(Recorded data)
####
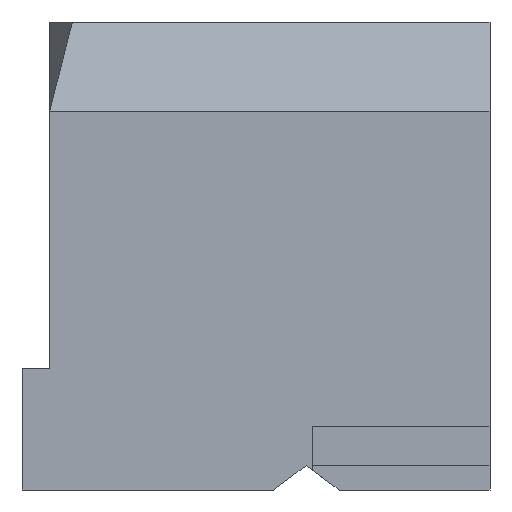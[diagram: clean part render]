
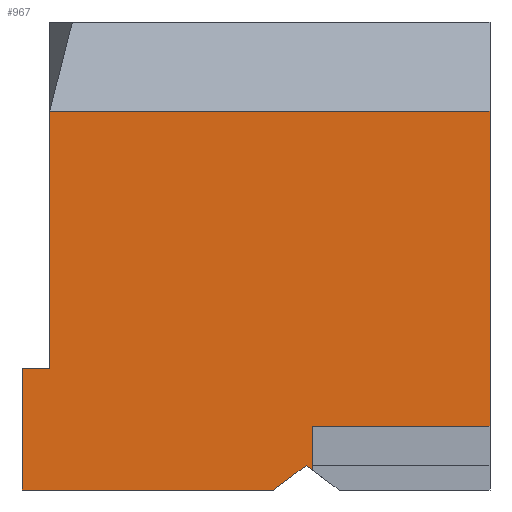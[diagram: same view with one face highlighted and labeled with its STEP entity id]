
A CAD part, front view. The second image highlights one B-rep face of the part: STEP entity #967.
In plain terms, the highlighted planar face has unit normal (0, -1, 0).
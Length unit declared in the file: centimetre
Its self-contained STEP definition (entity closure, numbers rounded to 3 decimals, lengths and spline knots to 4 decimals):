
#85 = VECTOR ( 'NONE', #97, 100. ) ;
#97 = DIRECTION ( 'NONE',  ( 0., 0., 1. ) ) ;
#103 = CARTESIAN_POINT ( 'NONE',  ( 607.3049, 0., 52.162 ) ) ;
#116 = CARTESIAN_POINT ( 'NONE',  ( 58.9772, 0., 259.2961 ) ) ;
#136 = LINE ( 'NONE', #436, #413 ) ;
#142 = LINE ( 'NONE', #441, #202 ) ;
#160 = DIRECTION ( 'NONE',  ( 1., 0., 0. ) ) ;
#171 = VERTEX_POINT ( 'NONE', #417 ) ;
#177 = CARTESIAN_POINT ( 'NONE',  ( 58.9772, 0., 809.4702 ) ) ;
#178 = LINE ( 'NONE', #103, #509 ) ;
#180 = CARTESIAN_POINT ( 'NONE',  ( 0., 0., 0. ) ) ;
#183 = PLANE ( 'NONE',  #342 ) ;
#202 = VECTOR ( 'NONE', #993, 100. ) ;
#212 = VERTEX_POINT ( 'NONE', #116 ) ;
#230 = CARTESIAN_POINT ( 'NONE',  ( 0., 0., 1000. ) ) ;
#231 = VERTEX_POINT ( 'NONE', #811 ) ;
#234 = LINE ( 'NONE', #400, #85 ) ;
#235 = VECTOR ( 'NONE', #672, 100. ) ;
#240 = LINE ( 'NONE', #318, #592 ) ;
#252 = LINE ( 'NONE', #474, #735 ) ;
#259 = EDGE_CURVE ( 'NONE', #984, #447, #178, .T. ) ;
#299 = EDGE_CURVE ( 'NONE', #788, #984, #308, .T. ) ;
#308 = LINE ( 'NONE', #996, #992 ) ;
#315 = ORIENTED_EDGE ( 'NONE', *, *, #913, .F. ) ;
#318 = CARTESIAN_POINT ( 'NONE',  ( 0., 0., 809.4702 ) ) ;
#327 = DIRECTION ( 'NONE',  ( -1., 0., 0. ) ) ;
#330 = DIRECTION ( 'NONE',  ( -0.803, 0., 0.596 ) ) ;
#337 = EDGE_CURVE ( 'NONE', #439, #953, #240, .T. ) ;
#342 = AXIS2_PLACEMENT_3D ( 'NONE', #230, #850, #482 ) ;
#365 = EDGE_LOOP ( 'NONE', ( #459, #944, #933, #641, #614, #604, #681, #315, #381, #783 ) ) ;
#380 = EDGE_CURVE ( 'NONE', #231, #212, #252, .T. ) ;
#381 = ORIENTED_EDGE ( 'NONE', *, *, #380, .F. ) ;
#400 = CARTESIAN_POINT ( 'NONE',  ( 58.9772, 0., 259.2961 ) ) ;
#403 = VERTEX_POINT ( 'NONE', #947 ) ;
#413 = VECTOR ( 'NONE', #756, 100. ) ;
#417 = CARTESIAN_POINT ( 'NONE',  ( 0., 0., 0. ) ) ;
#436 = CARTESIAN_POINT ( 'NONE',  ( 0., 0., 1000. ) ) ;
#439 = VERTEX_POINT ( 'NONE', #487 ) ;
#441 = CARTESIAN_POINT ( 'NONE',  ( 1000., 0., 1000. ) ) ;
#447 = VERTEX_POINT ( 'NONE', #713 ) ;
#457 = CARTESIAN_POINT ( 'NONE',  ( 1000., 0., 136.4681 ) ) ;
#459 = ORIENTED_EDGE ( 'NONE', *, *, #472, .T. ) ;
#472 = EDGE_CURVE ( 'NONE', #171, #403, #473, .T. ) ;
#473 = LINE ( 'NONE', #180, #589 ) ;
#474 = CARTESIAN_POINT ( 'NONE',  ( 58.9772, 0., 259.2961 ) ) ;
#482 = DIRECTION ( 'NONE',  ( 0., 0., 1. ) ) ;
#487 = CARTESIAN_POINT ( 'NONE',  ( 1000., 0., 809.4702 ) ) ;
#493 = LINE ( 'NONE', #585, #628 ) ;
#500 = EDGE_CURVE ( 'NONE', #231, #171, #136, .T. ) ;
#509 = VECTOR ( 'NONE', #330, 100. ) ;
#518 = EDGE_CURVE ( 'NONE', #439, #925, #142, .T. ) ;
#585 = CARTESIAN_POINT ( 'NONE',  ( 620.3073, 0., 136.4681 ) ) ;
#589 = VECTOR ( 'NONE', #160, 100. ) ;
#592 = VECTOR ( 'NONE', #327, 100. ) ;
#604 = ORIENTED_EDGE ( 'NONE', *, *, #518, .F. ) ;
#614 = ORIENTED_EDGE ( 'NONE', *, *, #659, .T. ) ;
#615 = LINE ( 'NONE', #918, #235 ) ;
#628 = VECTOR ( 'NONE', #808, 100. ) ;
#641 = ORIENTED_EDGE ( 'NONE', *, *, #299, .F. ) ;
#659 = EDGE_CURVE ( 'NONE', #788, #925, #493, .T. ) ;
#672 = DIRECTION ( 'NONE',  ( -0.803, 0., -0.596 ) ) ;
#681 = ORIENTED_EDGE ( 'NONE', *, *, #337, .T. ) ;
#711 = EDGE_CURVE ( 'NONE', #447, #403, #615, .T. ) ;
#713 = CARTESIAN_POINT ( 'NONE',  ( 607.3049, 0., 52.162 ) ) ;
#735 = VECTOR ( 'NONE', #790, 100. ) ;
#756 = DIRECTION ( 'NONE',  ( 0., 0., -1. ) ) ;
#783 = ORIENTED_EDGE ( 'NONE', *, *, #500, .T. ) ;
#788 = VERTEX_POINT ( 'NONE', #840 ) ;
#790 = DIRECTION ( 'NONE',  ( 1., 0., 0. ) ) ;
#792 = FACE_OUTER_BOUND ( 'NONE', #365, .T. ) ;
#808 = DIRECTION ( 'NONE',  ( 1., 0., 0. ) ) ;
#811 = CARTESIAN_POINT ( 'NONE',  ( 0., 0., 259.2961 ) ) ;
#840 = CARTESIAN_POINT ( 'NONE',  ( 620.3073, 0., 136.4681 ) ) ;
#850 = DIRECTION ( 'NONE',  ( 0., 1., 0. ) ) ;
#911 = DIRECTION ( 'NONE',  ( 0., 0., -1. ) ) ;
#913 = EDGE_CURVE ( 'NONE', #212, #953, #234, .T. ) ;
#918 = CARTESIAN_POINT ( 'NONE',  ( 537.0509, 0., 0. ) ) ;
#925 = VERTEX_POINT ( 'NONE', #457 ) ;
#933 = ORIENTED_EDGE ( 'NONE', *, *, #259, .F. ) ;
#944 = ORIENTED_EDGE ( 'NONE', *, *, #711, .F. ) ;
#947 = CARTESIAN_POINT ( 'NONE',  ( 537.0509, 0., 0. ) ) ;
#953 = VERTEX_POINT ( 'NONE', #177 ) ;
#965 = CARTESIAN_POINT ( 'NONE',  ( 620.3073, 0., 42.508 ) ) ;
#967 = ADVANCED_FACE ( 'NONE', ( #792 ), #183, .F. ) ;
#984 = VERTEX_POINT ( 'NONE', #965 ) ;
#992 = VECTOR ( 'NONE', #911, 100. ) ;
#993 = DIRECTION ( 'NONE',  ( 0., 0., -1. ) ) ;
#996 = CARTESIAN_POINT ( 'NONE',  ( 620.3073, 0., 0. ) ) ;
####
- _Problem to solve_
Quote the data above from the line containing "#436 = CARTESIAN_POINT" to the line containing "#459 = ORIENTED_EDGE", inclusive, and stop.

- _Written response_
#436 = CARTESIAN_POINT ( 'NONE',  ( 0., 0., 1000. ) ) ;
#439 = VERTEX_POINT ( 'NONE', #487 ) ;
#441 = CARTESIAN_POINT ( 'NONE',  ( 1000., 0., 1000. ) ) ;
#447 = VERTEX_POINT ( 'NONE', #713 ) ;
#457 = CARTESIAN_POINT ( 'NONE',  ( 1000., 0., 136.4681 ) ) ;
#459 = ORIENTED_EDGE ( 'NONE', *, *, #472, .T. ) ;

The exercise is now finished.